(Dataset items)

-- -- --

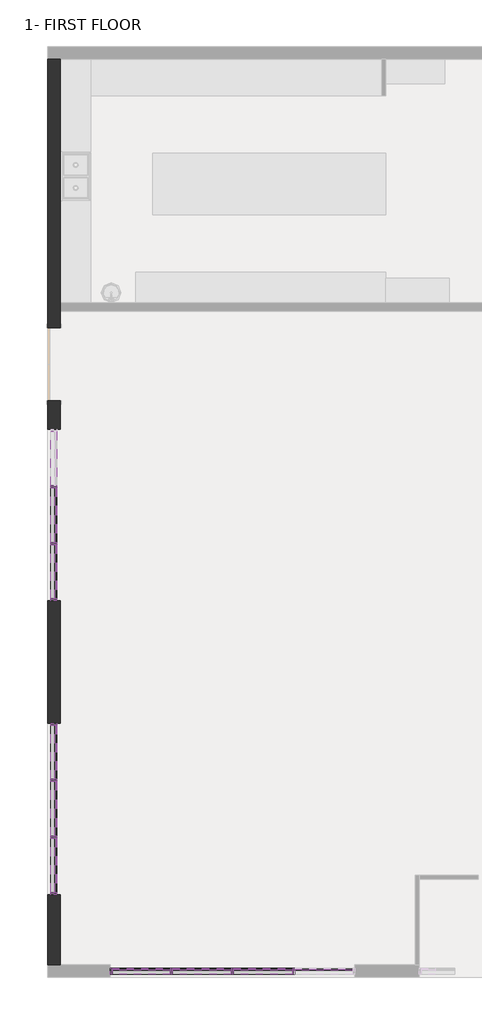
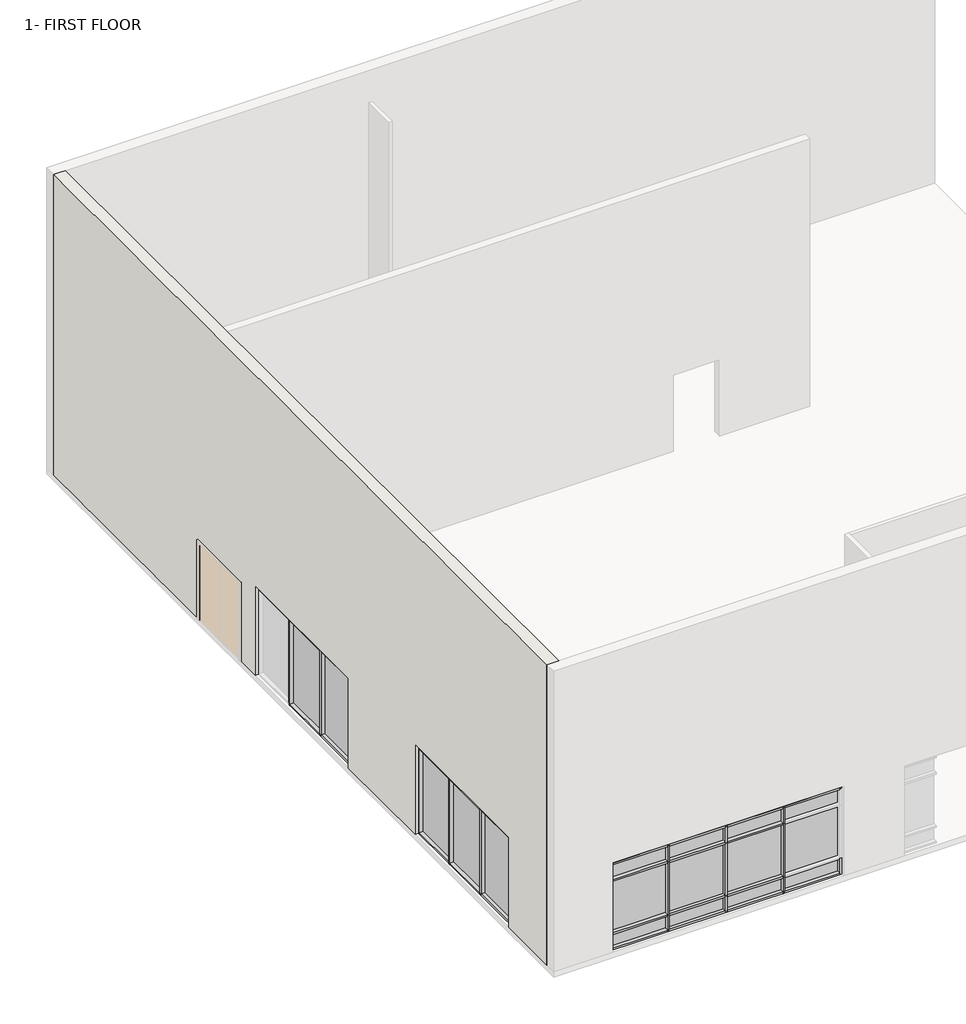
# One storey, part 1 of 4: 67 members, 26 plates, 1 wall.
"""IFC4 building model written with IfcOpenShell, lengths in millimetres."""

from ifc_helpers import new_model, si_unit, origin, place, context, project, spatial, faceted_brep, transform, mapped, element, save
from components import rectangular_mullion_50_x_150mm_84181acf, rectangular_mullion_50_x_150mm_a8ea6182, rectangular_mullion_50_x_150mm_6225e4e3, rectangular_mullion_50_x_150mm_662c37b1, rectangular_mullion_50_x_150mm_d49d4e0b, rectangular_mullion_50_x_150mm_5a2b04db, rectangular_mullion_50_x_150mm_00ccb73c, rectangular_mullion_50_x_150mm_edf85684, rectangular_mullion_50_x_150mm_3e65a84e, rectangular_mullion_50_x_150mm_abe4d200, rectangular_mullion_50_x_150mm_372c5efd, rectangular_mullion_50_x_150mm_1929d193, rectangular_mullion_50_x_150mm_e5e1dcca, rectangular_mullion_50_x_150mm_686aa266, rectangular_mullion_50_x_150mm_8236aad0, rectangular_mullion_50_x_150mm_3b5711fc, system_panel_glazed_17027882, system_panel_glazed_1e47d80b, system_panel_glazed_f43e7dcf, system_panel_glazed_e4d20453, system_panel_glazed_780b5e3c, system_panel_glazed_04b461fe, system_panel_glazed_99bfd8de, system_panel_glazed_f6cf1eac, system_panel_glazed_50f2205d, system_panel_glazed_25ba59a8, system_panel_glazed_ee2fd1b9, system_panel_glazed_14338285

model = new_model("IFC4")

# Units and contexts
model_context = context("Model", 3, world=origin())
ifc_project = project(units=[si_unit("LENGTHUNIT", "METRE", prefix="MILLI")], contexts=[model_context])

# Site, building, storey
site = spatial("IfcSite", under=ifc_project)
building = spatial("IfcBuilding", under=site)
storey = spatial("IfcBuildingStorey", under=building, Name="1- FIRST FLOOR", Elevation=0.0)

# Members
placement = place(None, origin())
rectangular_mullion_50_x_150mm_shape = rectangular_mullion_50_x_150mm_84181acf(model_context)
element("IfcMember", 1, ObjectType="Rectangular Mullion : 50 x 150mm", at=placement, inside=storey, context=model_context, shape_type="MappedRepresentation", body=[
    mapped(rectangular_mullion_50_x_150mm_shape, transform((-17387.1504871, -642.4213333, 2400.0), x_axis=(0.0, -1.0, 0.0), y_axis=(-1.0, 0.0, 0.0), z_axis=(0.0, 0.0, -1.0))),
])
element("IfcMember", 2, ObjectType="Rectangular Mullion : 50 x 150mm", at=placement, inside=storey, context=model_context, shape_type="MappedRepresentation", body=[
    mapped(rectangular_mullion_50_x_150mm_shape, transform((-17387.1504871, -2064.8213331, 2400.0), x_axis=(0.0, -1.0, 0.0), y_axis=(-1.0, 0.0, 0.0), z_axis=(0.0, 0.0, -1.0))),
])
element("IfcMember", 3, ObjectType="Rectangular Mullion : 50 x 150mm", at=placement, inside=storey, context=model_context, shape_type="MappedRepresentation", body=[
    mapped(rectangular_mullion_50_x_150mm_shape, transform((-17387.1504871, -7957.6213333, 2400.0), x_axis=(0.0, -1.0, 0.0), y_axis=(-1.0, 0.0, 0.0), z_axis=(0.0, 0.0, -1.0))),
])
element("IfcMember", 4, ObjectType="Rectangular Mullion : 50 x 150mm", at=placement, inside=storey, context=model_context, shape_type="MappedRepresentation", body=[
    mapped(rectangular_mullion_50_x_150mm_shape, transform((-17387.1504871, -9380.0213331, 2400.0), x_axis=(0.0, -1.0, 0.0), y_axis=(-1.0, 0.0, 0.0), z_axis=(0.0, 0.0, -1.0))),
])
element("IfcMember", 5, ObjectType="Rectangular Mullion : 50 x 150mm", at=placement, inside=storey, context=model_context, shape_type="MappedRepresentation", body=[
    mapped(rectangular_mullion_50_x_150mm_shape, transform((-14465.387987, -12710.1838332, 2400.0), x_axis=(1.0, 0.0, 0.0), y_axis=(0.0, -1.0, 0.0), z_axis=(0.0, 0.0, -1.0))),
])
element("IfcMember", 6, ObjectType="Rectangular Mullion : 50 x 150mm", at=placement, inside=storey, context=model_context, shape_type="MappedRepresentation", body=[
    mapped(rectangular_mullion_50_x_150mm_shape, transform((-12941.3879871, -12710.1838332, 2400.0), x_axis=(1.0, 0.0, 0.0), y_axis=(0.0, -1.0, 0.0), z_axis=(0.0, 0.0, -1.0))),
])
element("IfcMember", 7, ObjectType="Rectangular Mullion : 50 x 150mm", at=placement, inside=storey, context=model_context, shape_type="MappedRepresentation", body=[
    mapped(rectangular_mullion_50_x_150mm_shape, transform((-11417.3879873, -12710.1838332, 2400.0), x_axis=(1.0, 0.0, 0.0), y_axis=(0.0, -1.0, 0.0), z_axis=(0.0, 0.0, -1.0))),
])
rectangular_mullion_50_x_150mm_2_shape = rectangular_mullion_50_x_150mm_a8ea6182(model_context)
element("IfcMember", 8, ObjectType="Rectangular Mullion : 50 x 150mm", at=placement, inside=storey, context=model_context, shape_type="MappedRepresentation", body=[
    mapped(rectangular_mullion_50_x_150mm_2_shape, transform((-17387.1504871, -3487.2213332, 2400.0), x_axis=(0.0, -1.0, 0.0), y_axis=(-1.0, 0.0, 0.0), z_axis=(0.0, 0.0, -1.0))),
])
element("IfcMember", 9, ObjectType="Rectangular Mullion : 50 x 150mm", at=placement, inside=storey, context=model_context, shape_type="MappedRepresentation", body=[
    mapped(rectangular_mullion_50_x_150mm_2_shape, transform((-17387.1504871, -10802.4213332, 2400.0), x_axis=(0.0, -1.0, 0.0), y_axis=(-1.0, 0.0, 0.0), z_axis=(0.0, 0.0, -1.0))),
])
element("IfcMember", 10, ObjectType="Rectangular Mullion : 50 x 150mm", at=placement, inside=storey, context=model_context, shape_type="MappedRepresentation", body=[
    mapped(rectangular_mullion_50_x_150mm_2_shape, transform((-9893.3879871, -12710.1838332, 2400.0), x_axis=(1.0, 0.0, 0.0), y_axis=(0.0, -1.0, 0.0), z_axis=(0.0, 0.0, -1.0))),
])
element("IfcMember", 11, ObjectType="Rectangular Mullion : 50 x 150mm", at=placement, inside=storey, context=model_context, shape_type="MappedRepresentation", body=[
    mapped(rectangular_mullion_50_x_150mm_2_shape, transform((-17387.1504871, -6535.2213332, 2508.25), x_axis=(0.0, 1.0, 0.0), y_axis=(-1.0, 0.0, 0.0), z_axis=(0.0, 0.0, 1.0))),
])
element("IfcMember", 12, ObjectType="Rectangular Mullion : 50 x 150mm", at=placement, inside=storey, context=model_context, shape_type="MappedRepresentation", body=[
    mapped(rectangular_mullion_50_x_150mm_2_shape, transform((-15989.3879871, -12710.1838332, 2508.25), x_axis=(-1.0, 0.0, 0.0), y_axis=(0.0, -1.0, 0.0), z_axis=(0.0, 0.0, 1.0))),
])
rectangular_mullion_50_x_150mm_3_shape = rectangular_mullion_50_x_150mm_6225e4e3(model_context)
element("IfcMember", 13, ObjectType="Rectangular Mullion : 50 x 150mm", at=placement, inside=storey, context=model_context, shape_type="MappedRepresentation", body=[
    mapped(rectangular_mullion_50_x_150mm_3_shape, transform((-17387.1504871, -642.4213333, 0.0), x_axis=(0.0, -1.0, 0.0), y_axis=(-1.0, 0.0, 0.0), z_axis=(0.0, 0.0, -1.0))),
])
element("IfcMember", 14, ObjectType="Rectangular Mullion : 50 x 150mm", at=placement, inside=storey, context=model_context, shape_type="MappedRepresentation", body=[
    mapped(rectangular_mullion_50_x_150mm_3_shape, transform((-17387.1504871, -2064.8213331, 0.0), x_axis=(0.0, -1.0, 0.0), y_axis=(-1.0, 0.0, 0.0), z_axis=(0.0, 0.0, -1.0))),
])
element("IfcMember", 15, ObjectType="Rectangular Mullion : 50 x 150mm", at=placement, inside=storey, context=model_context, shape_type="MappedRepresentation", body=[
    mapped(rectangular_mullion_50_x_150mm_3_shape, transform((-17387.1504871, -7957.6213333, 0.0), x_axis=(0.0, -1.0, 0.0), y_axis=(-1.0, 0.0, 0.0), z_axis=(0.0, 0.0, -1.0))),
])
element("IfcMember", 16, ObjectType="Rectangular Mullion : 50 x 150mm", at=placement, inside=storey, context=model_context, shape_type="MappedRepresentation", body=[
    mapped(rectangular_mullion_50_x_150mm_3_shape, transform((-17387.1504871, -9380.0213331, 0.0), x_axis=(0.0, -1.0, 0.0), y_axis=(-1.0, 0.0, 0.0), z_axis=(0.0, 0.0, -1.0))),
])
rectangular_mullion_50_x_150mm_4_shape = rectangular_mullion_50_x_150mm_662c37b1(model_context)
element("IfcMember", 17, ObjectType="Rectangular Mullion : 50 x 150mm", at=placement, inside=storey, context=model_context, shape_type="MappedRepresentation", body=[
    mapped(rectangular_mullion_50_x_150mm_4_shape, transform((-17387.1504871, -3487.2213332, 0.0), x_axis=(0.0, -1.0, 0.0), y_axis=(-1.0, 0.0, 0.0), z_axis=(0.0, 0.0, -1.0))),
])
element("IfcMember", 18, ObjectType="Rectangular Mullion : 50 x 150mm", at=placement, inside=storey, context=model_context, shape_type="MappedRepresentation", body=[
    mapped(rectangular_mullion_50_x_150mm_4_shape, transform((-17387.1504871, -10802.4213332, 0.0), x_axis=(0.0, -1.0, 0.0), y_axis=(-1.0, 0.0, 0.0), z_axis=(0.0, 0.0, -1.0))),
])
element("IfcMember", 19, ObjectType="Rectangular Mullion : 50 x 150mm", at=placement, inside=storey, context=model_context, shape_type="MappedRepresentation", body=[
    mapped(rectangular_mullion_50_x_150mm_4_shape, transform((-17387.1504871, -6535.2213332, 2400.0), x_axis=(0.0, 1.0, 0.0), y_axis=(-1.0, 0.0, 0.0), z_axis=(0.0, 0.0, 1.0))),
])
rectangular_mullion_50_x_150mm_5_shape = rectangular_mullion_50_x_150mm_d49d4e0b(model_context)
element("IfcMember", 20, ObjectType="Rectangular Mullion : 50 x 150mm", at=placement, inside=storey, context=model_context, shape_type="MappedRepresentation", body=[
    mapped(rectangular_mullion_50_x_150mm_5_shape, transform((-17387.1504871, -3437.2213332, 2508.25), x_axis=(0.0, 0.0, 1.0), y_axis=(-1.0, 0.0, 0.0), z_axis=(0.0, -1.0, 0.0))),
])
element("IfcMember", 21, ObjectType="Rectangular Mullion : 50 x 150mm", at=placement, inside=storey, context=model_context, shape_type="MappedRepresentation", body=[
    mapped(rectangular_mullion_50_x_150mm_5_shape, transform((-17387.1504871, -617.4213333, 2508.25), x_axis=(0.0, 0.0, 1.0), y_axis=(-1.0, 0.0, 0.0), z_axis=(0.0, -1.0, 0.0))),
])
element("IfcMember", 22, ObjectType="Rectangular Mullion : 50 x 150mm", at=placement, inside=storey, context=model_context, shape_type="MappedRepresentation", body=[
    mapped(rectangular_mullion_50_x_150mm_5_shape, transform((-17387.1504871, -10752.4213332, 2508.25), x_axis=(0.0, 0.0, 1.0), y_axis=(-1.0, 0.0, 0.0), z_axis=(0.0, -1.0, 0.0))),
])
element("IfcMember", 23, ObjectType="Rectangular Mullion : 50 x 150mm", at=placement, inside=storey, context=model_context, shape_type="MappedRepresentation", body=[
    mapped(rectangular_mullion_50_x_150mm_5_shape, transform((-17387.1504871, -7932.6213333, 2508.25), x_axis=(0.0, 0.0, 1.0), y_axis=(-1.0, 0.0, 0.0), z_axis=(0.0, -1.0, 0.0))),
])
rectangular_mullion_50_x_150mm_6_shape = rectangular_mullion_50_x_150mm_5a2b04db(model_context)
element("IfcMember", 24, ObjectType="Rectangular Mullion : 50 x 150mm", at=placement, inside=storey, context=model_context, shape_type="MappedRepresentation", body=[
    mapped(rectangular_mullion_50_x_150mm_6_shape, transform((-17387.1504871, -2039.8213331, 2508.25), x_axis=(0.0, 0.0, 1.0), y_axis=(-1.0, 0.0, 0.0), z_axis=(0.0, -1.0, 0.0))),
])
element("IfcMember", 25, ObjectType="Rectangular Mullion : 50 x 150mm", at=placement, inside=storey, context=model_context, shape_type="MappedRepresentation", body=[
    mapped(rectangular_mullion_50_x_150mm_6_shape, transform((-17387.1504871, -9355.0213331, 2508.25), x_axis=(0.0, 0.0, 1.0), y_axis=(-1.0, 0.0, 0.0), z_axis=(0.0, -1.0, 0.0))),
])
element("IfcMember", 26, ObjectType="Rectangular Mullion : 50 x 150mm", at=placement, inside=storey, context=model_context, shape_type="MappedRepresentation", body=[
    mapped(rectangular_mullion_50_x_150mm_5_shape, transform((-17387.1504871, -2089.8213331, 0.0), x_axis=(0.0, 0.0, -1.0), y_axis=(-1.0, 0.0, 0.0), z_axis=(0.0, 1.0, 0.0))),
])
element("IfcMember", 27, ObjectType="Rectangular Mullion : 50 x 150mm", at=placement, inside=storey, context=model_context, shape_type="MappedRepresentation", body=[
    mapped(rectangular_mullion_50_x_150mm_5_shape, transform((-17387.1504871, -6585.2213332, 0.0), x_axis=(0.0, 0.0, -1.0), y_axis=(-1.0, 0.0, 0.0), z_axis=(0.0, 1.0, 0.0))),
])
element("IfcMember", 28, ObjectType="Rectangular Mullion : 50 x 150mm", at=placement, inside=storey, context=model_context, shape_type="MappedRepresentation", body=[
    mapped(rectangular_mullion_50_x_150mm_5_shape, transform((-17387.1504871, -9405.0213331, 0.0), x_axis=(0.0, 0.0, -1.0), y_axis=(-1.0, 0.0, 0.0), z_axis=(0.0, 1.0, 0.0))),
])
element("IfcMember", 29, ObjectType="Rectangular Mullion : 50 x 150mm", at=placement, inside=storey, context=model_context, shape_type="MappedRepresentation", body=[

-- -- --

* TASK DETAILS
What you give back should be exactly the lines from the top of the data above down to and including the line with "from ifc_helpers import", minus any pictures.

* SOLUTION TO THIS EXERCISE
# One storey, part 1 of 4: 67 members, 26 plates, 1 wall.
"""IFC4 building model written with IfcOpenShell, lengths in millimetres."""

from ifc_helpers import new_model, si_unit, origin, place, context, project, spatial, faceted_brep, transform, mapped, element, save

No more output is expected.